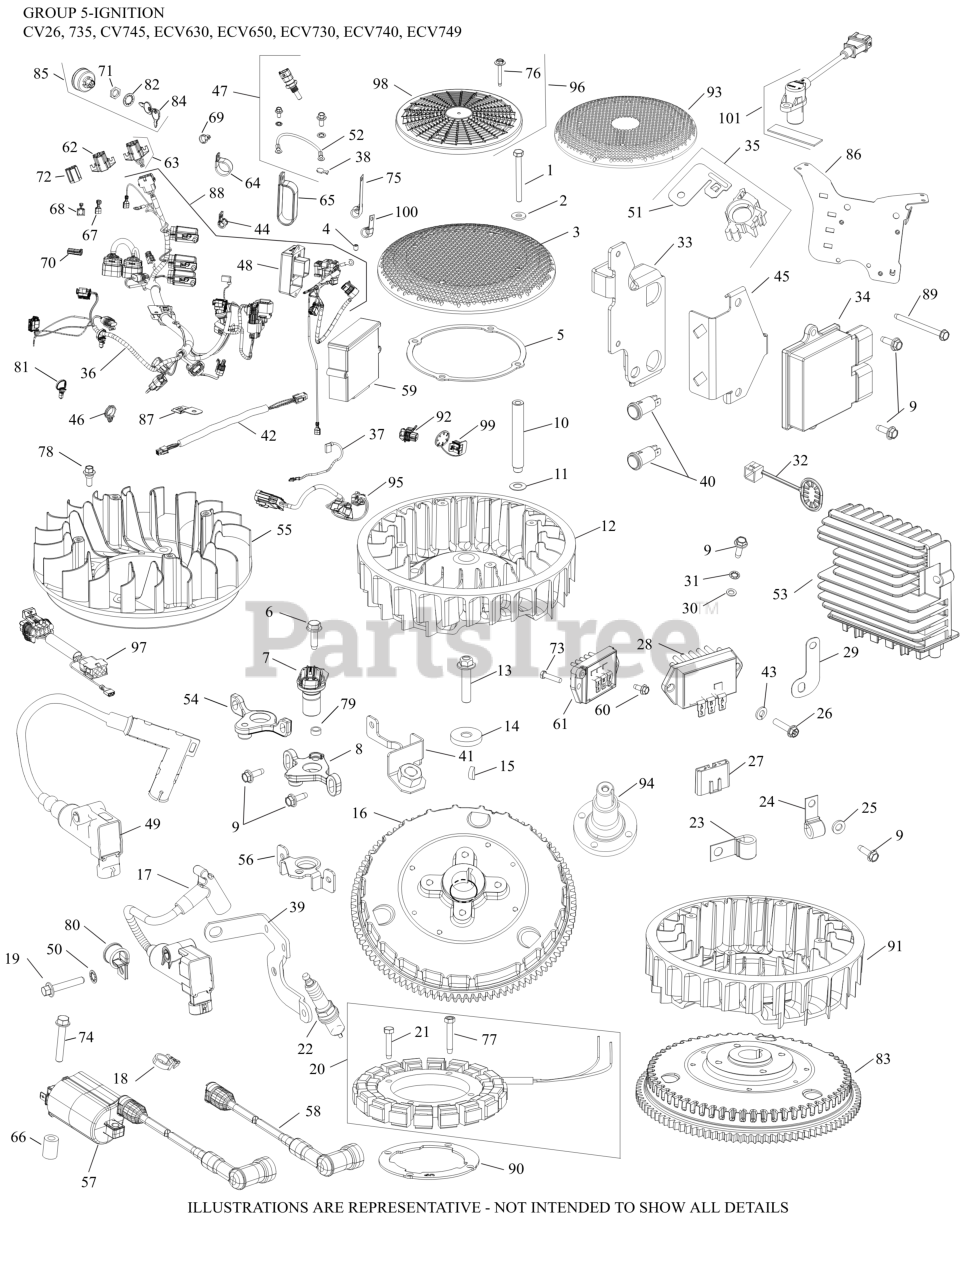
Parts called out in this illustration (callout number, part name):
1	SCREW, CAP M6X1.0X99.5
2	WASHER, FLAT 1/4" (O.D. 5/8")
3	SCREEN, GRASS
4	SCREW, SKT SET #10-24X1/4"
5	RING, SUPPORT
6	SCREW, THREAD FORMING
7	SENSOR, SPEED
8	BRACKET, SENSOR SPEED
9	SCREW, THREAD FORMING
11	WASHER, SPRING 10 MM
13	SCREW, FLG M10X1.5X45-USE 25 086 361-S
14	WASHER, FLAT 13/32"
15	KEY, 3/16" X 5/8"
16	FLYWHEEL ASSEMBLY
17	COIL, IGNITION - EFI
18	CLIP, SNAP-IN-USE 25 018 05-S
19	SCREW, THD FRM-USE 25 086 473-S
19	SCREW, FLG (BLACK) M6X1.0X34
20	KIT, 15 / 20 AMP STATOR
21	SCREW, THREAD FORMING
22	PLUG, SPARK (STD)
25	WASHER, FLAT 1/4" (O.D. 1/2")
26	SCREW, HEX FLANGE HI-LO
27	CONNECTOR
31	WASHER, INT TOOTH LOCK #10
32	CAP, CONNECTOR
33	BRACKET, ECU
34	MODULE, ECU ECV749
35	KIT, MOUNTING CLIP
36	KIT, HARNESS
46	RETAINER, WIRE HARNESS
50	WASHER, INT TOOTH LOCK 1/4"
51	CLIP USE 25 154 21-S
60	SCREW, THREAD FORMING
61	REGULATOR, RECTIFIER
65	CLAMP, INSULATED DOUBLE
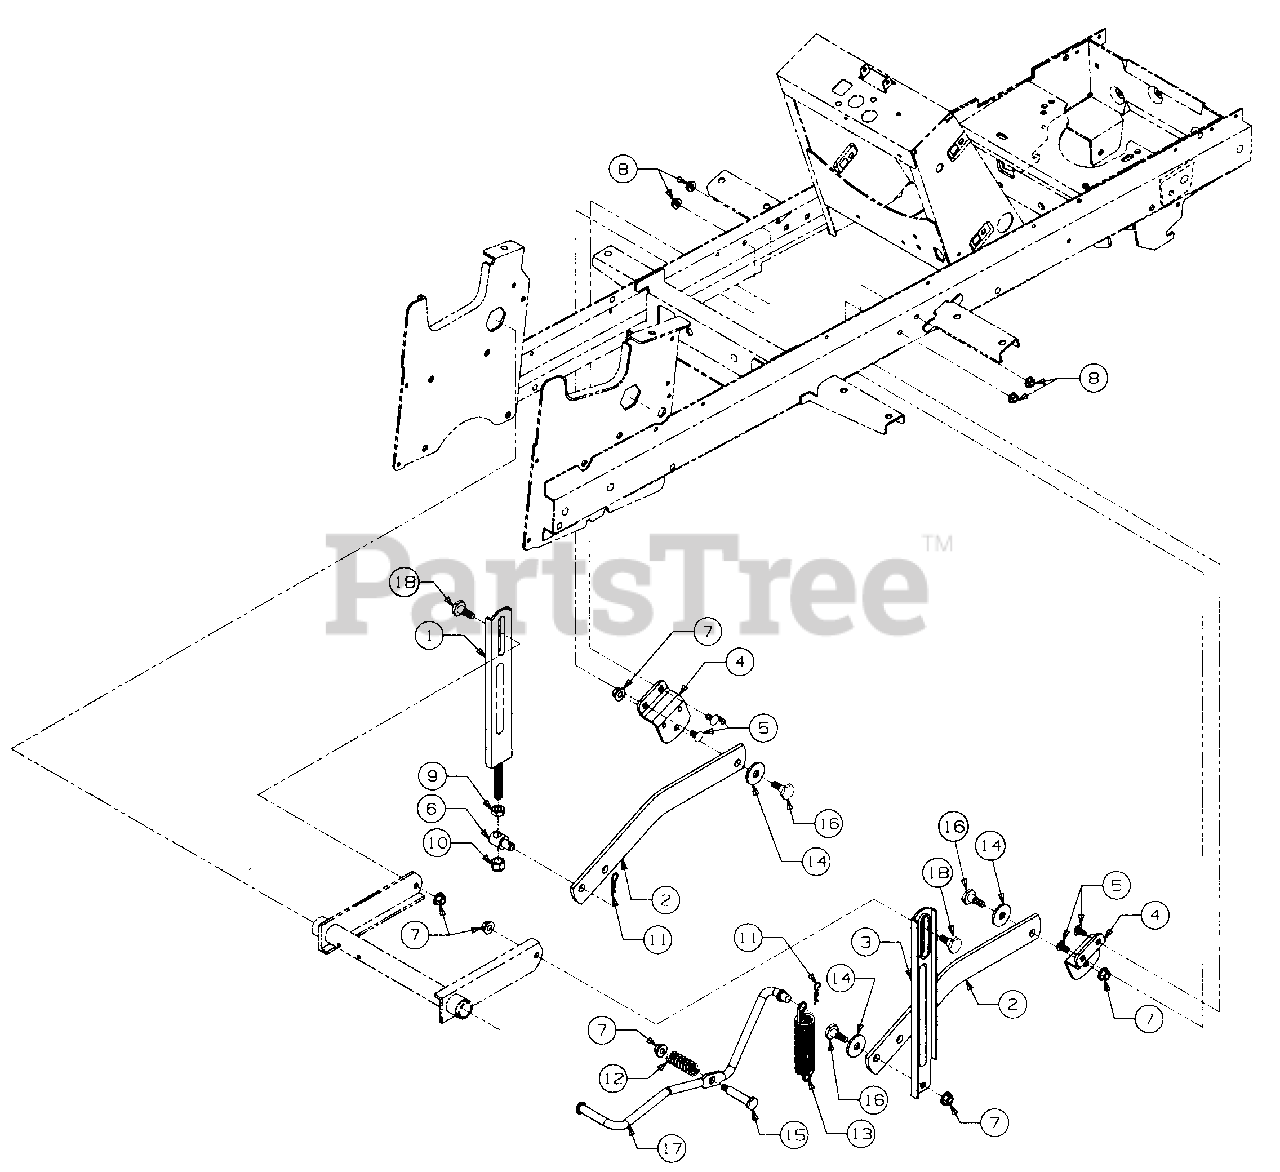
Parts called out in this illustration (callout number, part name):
2	Link, Lift
5	Bolt, Carriage, 5/16-18 x .62 Lg
6	Ferrule, Adjustment
7	Nut, Hex Flanged Lock, 3/8-16
8	Nut, Hex Flange Top Lock 5/16-18
9	Nut, Hex Jam, 1/2-13 GR5
10	Nut, Hex Top Nylon Lock, 1/2-13
11	Pin, Internal Cotter, .092 Dia x 1.63 Lg
12	Spring, Compression, .63 ID x 2.0 Lg
13	Spring, Extension, 1.0 OD x 6.42 Coils, Light Duty 46" Dock
14	Washer, Flat, .50 x 1.5 x .1 5 Thk
15	Bolt, Shoulder
16	Bolt, Shoulder
17	Rod, RH Lift Assist
18	Bolt, Shoulder

--------------------

Reply with only the number of lines in the entries that contain the word "Shoulder".

§ **Your solution**: 3